A passagem dos padres Sadó e Coris pelas colônias alemãs do Sul, além de porem em dia a vida sacramental dos colonos, teve uma outra consequência não menos importante. Já que a curto prazo não havia perspectiva concreta para uma assistência pastoral permanente e regular, por parte de sacerdotes que dominavam a língua alemã, os padres espanhóis recorreram a outros meios. Um deles consistiu em fornecer livros edificantes e instrutivos para, de alguma forma, suprir a falta de catequese, prédicas, instruções religiosas, ou simplesmente satisfazer o prazer de uma boa leitura. A ideia foi apresentada ao Pe. Roothan, geral da Ordem, que encarregou o Pe. Beckx para concretizar a proposta. Não demorou para ser descarregada em Porto Alegre uma enorme caixa com livros. O Pe. Sadó em pessoa levou-os até a colônia e confiou a tarefa de distribui-los aos fabriqueiros. Estes livros foram mais tarde passados de geração em geração, como preciosos objetos de herança. A outra providência consistiu em resolver a questão da assistência pastoral a longo prazo. O Pe. Morrey superior da província espanhola, encaminhou uma solicitação ao Superior Geral. O pedido teve pronto acolhimento. Os acontecimentos adversos aos jesuítas na Europa Central veio em benefício dos colonos alemães no sul do Brasil. A revolução de 1848 fizera seus estragos também na Áustria. Os jesuítas perderam propriedades, os colégios em grande parte fechados, liberando um apreciável número de religiosos para outras obras. O Geral solicitou então ao Provincial da Galícia que destacasse alguns jesuítas para enviá-los ao Brasil. Da lista que se ofereceram espontaneamente, foram escolhidos dois padres: Augustin Lipinski, Josepf Sedlac e o irmão Anton Sontag. (Continua na seguinte postagem).

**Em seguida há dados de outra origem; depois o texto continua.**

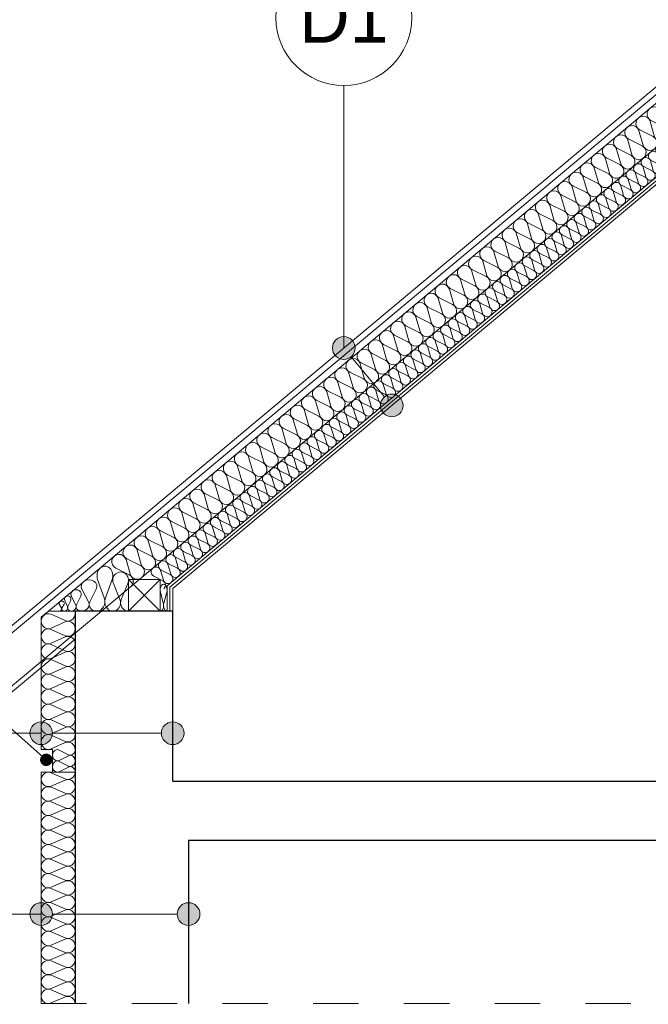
# Model space of a CAD drawing. Extents: x -149893 to 127691, y 5328 to 37028.
# Tile 61 of 88: x 67974 to 70746, y 18440 to 22780. Entities that reach past the tile are written whole.
import ezdxf

# ---------------------------------------------------------------- set-up
doc = ezdxf.new("R2010")
doc.units = 0
doc.header["$MEASUREMENT"] = 0
doc.linetypes.add('Przerywana', pattern=[400, 200, -200])
for name, color, linetype, lineweight, true_color in [('arch izolacje_Nr_Pióra__3', 7, 'Continuous', 13, 0xff6600), ('Arch ocieplenie_Nr_Pióra__22', 7, 'Continuous', 9, 0x7f7f7f), ('Arch ocieplenie_Nr_Pióra__24', 7, 'Continuous', 13, 0x029e21), ('Arch ocieplenie_Nr_Pióra__4', 7, 'Continuous', 9, 0x029e21)]:
    doc.layers.add(name, color=color, linetype=linetype, lineweight=lineweight, true_color=true_color)
for name, color, linetype in [('Arch ocieplenie', 7, 'Continuous'), ('Arch opisy', 7, 'Continuous'), ('Arch ściany działowe', 7, 'Continuous')]:
    doc.layers.add(name, color=color, linetype=linetype)
for name, color, linetype, lineweight in [('Arch opisy_Nr_Pióra__1', 7, 'Continuous', 25), ('Arch opisy_Nr_Pióra__21', 7, 'Continuous', 13), ('Arch ściany działowe_Nr_Pióra__5', 7, 'Continuous', 13), ('INWENT DACH_Nr_Pióra__21', 7, 'Continuous', 13), ('INWENT KONST. DREWNIANA_Nr_Pióra__21', 7, 'Continuous', 13), ('INWENT OPISY_Nr_Pióra__21', 7, 'Continuous', 13), ('INWENT STROPY_Nr_Pióra__1', 7, 'Continuous', 25), ('INWENT.ŚCIANY_Nr_Pióra__1', 7, 'Continuous', 25)]:
    doc.layers.add(name, color=color, linetype=linetype, lineweight=lineweight)
doc.styles.add('GENERATED_STYLE_4', font='txt')
doc.dimstyles.new('GENERATED_STYLE__8', dxfattribs={"dimtxt": 0.18, "dimasz": 109.44, "dimexe": 0.18, "dimexo": 0.0625, "dimgap": 0.09, "dimtad": 0, "dimtih": 1, "dimtoh": 1, "dimdec": 4, "dimzin": 0, "dimdsep": 46, "dimcen": 0.09, "dimadec": 0, "dimazin": 0, "dimtfac": 1, "dimtdec": 4, "dimtmove": 0, "dimatfit": 3, "dimldrblk": 'ARROWHEAD_11', "dimfxl": 0, "dimtolj": 1, "dimtzin": 0, "dimarcsym": 0})

# ---------------------------------------------------------------- blocks, each defined once
blk = doc.blocks.new('Izolacja cieplna 14_15', base_point=(68218.8, 19462.8))
at = {"layer": 'Arch ocieplenie_Nr_Pióra__22', "linetype": 'Continuous'}
for p, q in [((68113.5, 19460.2), (68174.1, 19433.6)), ((68174.1, 19428.3), (68113.5, 19401.8)), ((68113.5, 19396.4), (68174.1, 19369.9)), ((68174.1, 19364.5), (68113.5, 19338)), ((68113.5, 19332.7), (68174.1, 19306.1)), ((68174.1, 19300.8), (68113.5, 19274.3)), ((68113.5, 19268.9), (68174.1, 19242.4)), ((68174.1, 19237), (68113.5, 19210.5)), ((68113.5, 19205.2), (68174.1, 19178.6)), ((68174.1, 19173.3), (68113.5, 19146.8)), ((68113.5, 19141.4), (68174.1, 19114.9)), ((68174.1, 19109.5), (68113.5, 19083)), ((68113.5, 19077.7), (68174.1, 19051.1)), ((68174.1, 19045.8), (68113.5, 19019.3)), ((68113.5, 19013.9), (68174.1, 18987.4)), ((68174.1, 18982), (68113.5, 18955.5)), ((68113.5, 18950.2), (68174.1, 18923.6)), ((68174.1, 18918.3), (68113.5, 18891.8)), ((68113.5, 18886.4), (68174.1, 18859.9)), ((68174.1, 18854.5), (68113.5, 18828)), ((68113.5, 18822.7), (68174.1, 18796.1)), ((68174.1, 18790.8), (68113.5, 18764.3)), ((68113.5, 18758.9), (68174.1, 18732.4)), ((68174.1, 18727), (68113.5, 18700.5)), ((68113.5, 18695.2), (68174.1, 18668.6)), ((68174.1, 18663.3), (68113.5, 18636.8)), ((68113.5, 18631.4), (68174.1, 18604.9)), ((68174.1, 18599.5), (68113.5, 18573)), ((68113.5, 18567.7), (68174.1, 18541.1)), ((68174.1, 18535.8), (68113.5, 18509.3)), ((68113.5, 18503.9), (68174.1, 18477.4)), ((68174.1, 18472), (68113.5, 18445.5))]:
    blk.add_line(p, q, dxfattribs=at)
for centre, start_param, end_param in [((68100.7, 19431), 1.158003, 5.125183), ((68186.9, 19462.8), 4.299596, 6.283185), ((68186.9, 19399.1), 4.299595, 8.266774), ((68100.7, 19367.2), 1.158003, 5.125183), ((68186.9, 19335.3), 4.299595, 8.266774), ((68100.7, 19303.5), 1.158003, 5.125183), ((68100.7, 19239.7), 1.158003, 5.125183), ((68186.9, 19271.6), 4.299595, 8.266774), ((68186.9, 19207.8), 4.299595, 8.266774), ((68100.7, 19176), 1.158003, 5.125183), ((68100.7, 19112.2), 1.158003, 5.125183), ((68186.9, 19144.1), 4.299595, 8.266774), ((68186.9, 19080.3), 4.299595, 8.266774), ((68100.7, 19048.5), 1.158003, 5.125183), ((68100.7, 18984.7), 1.158003, 5.125183), ((68186.9, 19016.6), 4.299595, 8.266774), ((68186.9, 18952.8), 4.299595, 8.266774), ((68100.7, 18921), 1.158003, 5.125183), ((68100.7, 18857.2), 1.158003, 5.125183), ((68186.9, 18889.1), 4.299595, 8.266774), ((68186.9, 18825.3), 4.299595, 8.266774), ((68100.7, 18793.5), 1.158003, 5.125183), ((68186.9, 18761.6), 4.299595, 8.266774), ((68100.7, 18729.7), 1.158003, 5.125183), ((68186.9, 18697.8), 4.299595, 8.266774), ((68100.7, 18666), 1.158003, 5.125183), ((68186.9, 18634.1), 4.299595, 8.266774), ((68100.7, 18602.2), 1.158003, 5.125183), ((68186.9, 18570.3), 4.299595, 8.266774), ((68100.7, 18538.5), 1.158003, 5.125183), ((68186.9, 18506.6), 4.299595, 8.266774), ((68100.7, 18474.7), 1.158003, 5.125183), ((68186.9, 18442.8), 0, 1.983589)]:
    blk.add_ellipse(centre, major_axis=(31.9, 0), ratio=0.999163, start_param=start_param, end_param=end_param, dxfattribs=at)
blk = doc.blocks.new('Izolacja cieplna 14_16', base_point=(68218.8, 19562.8))
at = {"layer": 'Arch ocieplenie_Nr_Pióra__4', "linetype": 'Continuous'}
for p, q in [((68174.1, 20131.3), (68113.5, 20159)), ((68113.5, 20098), (68174.1, 20125.7)), ((68174.1, 20064.7), (68113.5, 20092.4)), ((68113.5, 20031.5), (68174.1, 20059.1)), ((68174.1, 19998.2), (68113.5, 20025.9)), ((68113.5, 19964.9), (68174.1, 19992.6)), ((68174.1, 19931.6), (68113.5, 19959.3)), ((68113.5, 19898.4), (68174.1, 19926.1)), ((68174.1, 19865.1), (68113.5, 19892.8)), ((68113.5, 19831.8), (68174.1, 19859.5)), ((68174.1, 19798.5), (68113.5, 19826.2)), ((68113.5, 19765.3), (68174.1, 19793)), ((68174.1, 19732), (68113.5, 19759.7)), ((68113.5, 19698.7), (68174.1, 19726.4)), ((68174.1, 19665.4), (68113.5, 19693.1)), ((68113.5, 19632.2), (68174.1, 19659.9)), ((68174.1, 19598.9), (68113.5, 19626.6)), ((68113.5, 19565.6), (68174.1, 19593.3))]:
    blk.add_line(p, q, dxfattribs=at)
for centre, start_param, end_param in [((68100.7, 20128.5), 5.870392, 9.837571), ((68186.9, 20161.8), 2.7288, 4.712389), ((68100.7, 20061.9), 5.870392, 9.837571), ((68186.9, 20095.2), 2.7288, 6.695979), ((68186.9, 20028.7), 2.7288, 6.695979), ((68100.7, 19995.4), 5.870392, 9.837571), ((68186.9, 19962.1), 2.7288, 6.695979), ((68100.7, 19928.8), 5.870392, 9.837571), ((68186.9, 19895.6), 2.7288, 6.695979), ((68100.7, 19862.3), 5.870392, 9.837571), ((68186.9, 19829), 2.7288, 6.695979), ((68100.7, 19795.7), 5.870392, 9.837571), ((68186.9, 19762.5), 2.7288, 6.695979), ((68100.7, 19729.2), 5.870392, 9.837571), ((68186.9, 19695.9), 2.7288, 6.695979), ((68100.7, 19662.7), 5.870392, 9.837571), ((68186.9, 19629.4), 2.7288, 6.695979), ((68100.7, 19596.1), 5.870392, 9.837571), ((68186.9, 19562.8), 4.712389, 6.695979)]:
    blk.add_ellipse(centre, major_axis=(0, 33.3), ratio=0.958785, start_param=start_param, end_param=end_param, dxfattribs=at)
blk = doc.blocks.new('Izolacja cieplna 14_22', base_point=(68218.8, 19462.8))
at = {"layer": 'Arch ocieplenie_Nr_Pióra__4', "linetype": 'Continuous'}
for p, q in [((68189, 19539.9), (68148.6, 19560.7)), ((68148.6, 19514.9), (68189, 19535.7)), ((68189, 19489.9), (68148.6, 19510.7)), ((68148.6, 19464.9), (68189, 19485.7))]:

O Sul muda com a imigração


Da América Latina, o Brasil é o país que ostenta o quadro étnico-cultural mais heterogêneo. Presentes estão grupos significativos representando diversas raças e culturas. Embora uns se concentrem mais numa região e outros noutra, encontramo-los em todo o território nacional. Para onde quer que se viaje, topa-se com o negro, o asiático, o branco e com todos os matizes de cor da pele e cabelos que a miscigenação foi capaz de  engendrar. Formas de vida  as mais diversificadas, costumes e cosmovisões divergentes, filosofia de vida às vezes exóticas, encontram guarida em solo brasileiro e, ao mesmo tempo, clima favorável para se manifestarem livremente. O que todos têm em comum é a esperança de que aqui, apesar de todas as dificuldades, existem condições reais e objetivas para construir um futuro melhor. Fiquemos apenas com a presença dos imigrantes alemães. A sua presença segue, em grandes linhas, a mesma lógica. A partir do século XIX, a administração colonial seguida da imperial, decidiu assegurar a soberania sobre as províncias do Sul. Esparsamente habitadas por estancieiros e alguns bolsões de colonos açorianos, esses territórios representavam uma tentação constante para as republicas castelhanas vizinhas. Por falta de súditos da Coroa Portuguesa para povoar essas regiões vazias o Conselho Ultramarino decidiu convidar migrantes do Centro e Norte da  Europa. A preferência caiu sobre alemães e italianos. Vários motivos pesaram: durante séculos vinham praticando a agricultura em pequenas propriedades: nunca tiveram problemas com a Coroa Portuguesa, como franceses, ingleses e holandeses e espanhóis. O casamento de D. Pedro I com a princesa austríaca D. Leopoldina, reforçou a preferência por alemães. Para os imigrantes um futuro promissor os esperava no sul do Brasil e para o Brasil ajudaria a resolver o vazio daqueles espaços, motivo de contínuas disputas e escaramuças  com os castelhanos do Paraguai, Argentina e Uruguai.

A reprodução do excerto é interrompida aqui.